The extreme right rejects the ideas of the French Revolution. The focus is not on the idea of ​​equal and self-confident citizens, but on the national community ideology. The people here are not the community of citizens, but a living organism. The individual is part of a people, but he also faces it in his individual existence. From this tension, the extreme right creates an image of man that is based on supposedly eternal laws of nature and the historical greatness and superiority of the people. Against the emancipatory movements since the Enlightenment and the French Revolution, the extreme right sets the roots of the individual in family, people, nation and tradition on the one hand and his genetic determination on the other. The individual is the servant of his people, to which he belongs ethnically and culturally irreplaceable. Biological, innate basic equipment and traditional behavioral patterns rooted in the people limit a scope of behavior that is mythically charged: Honor and loyalty, devotion to the leader, heroic virtues such as daring and willingness to make sacrifices aestheticize the right-wing extremist image of man into a supposedly natural style of behavior that is beyond critical reflection.

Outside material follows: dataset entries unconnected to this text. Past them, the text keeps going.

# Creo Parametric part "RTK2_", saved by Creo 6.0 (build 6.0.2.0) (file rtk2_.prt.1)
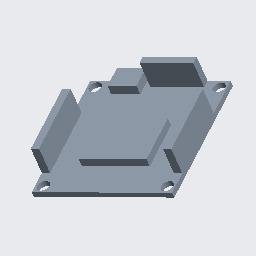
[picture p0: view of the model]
Units: Inch lbm Second (Pro/E Default); INCH, POUND, SECS

Created from: INLBS_PART_SOLID.PRT

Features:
  1. datum plane "RIGHT"
  2. datum plane "TOP"
  3. datum plane "FRONT"
  4. coordinate system
  5. sketch "Sketch 1"
  6. extrusion "Extrude 1"
  7. sketch "Sketch 2"
  8. extrusion "Extrude 2"
  9. sketch "Sketch 3"
  10. extrusion "Extrude 3"
  11. sketch "Sketch 4"
  12. extrusion "Extrude 4"

Surfaces: 27 plane, 4 cylinder

Right-wing and left-wing extremism tend to have reserved to negative attitudes towards religion and Christianity, with both the primacy of politics. This is where the main difference to Islamism can be seen. He emphasizes the unity of religion and politics, the idea of ​​the Islamic state of God is based precisely on the fact that there is no separation and that the religion of Islam permeates all areas of government and society. But right-wing and left-wing extremism reintroduce religious elements into their ideology in a different way: They could be viewed as political religions, namely by consolidating central ideological foundations quasi-religiously: belief in the leader, in the party's historical mission or of the working class. The political aesthetics of the mass events of the NSDAP before and after 1933, especially at the Nazi party rallies, are strikingly similar to church ceremonies.

Islamism emphasizes the unity of religion and state and it politicizes and instrumentalizes the religion of Islam. The basic principles of the Western state and social order are not only alien to him, he militantly rejects them: basic and human rights, democracy and the separation of powers, the rule of law. One could go a step further and expand the differences to other areas of society. Already Max Weber in his famous treatise on "Protestant Ethics and the Spirit of Capitalism", published in 1905, referred to fundamentally different development paths: scientific-experimental thinking, rational administrative action, expertise, legal casuistry and economic-capitalist thinking and behavior - all of this existed it only in the Occident, but not, or only weakly, in other cultures (Weber 2005: 7ff.). It therefore makes perfect sense not to assume a politicized religion in Islamism alone, but rather a much deeper front position against the West, against the entire Western way of life.
From: Hans-Gerd Jaschke: Politischer Extremismus, Wiesbaden 2006, VS Verlag für Sozialwissenschaften. The volume from the series "Elements of Politics", ed. v. Hans-Georg Ehrhart, Bernhard Frevel, Klaus Schubert and Suzanne S. Schüttemeyer has been published as a licensed edition by the Federal Agency for Civic Education and can be ordered here.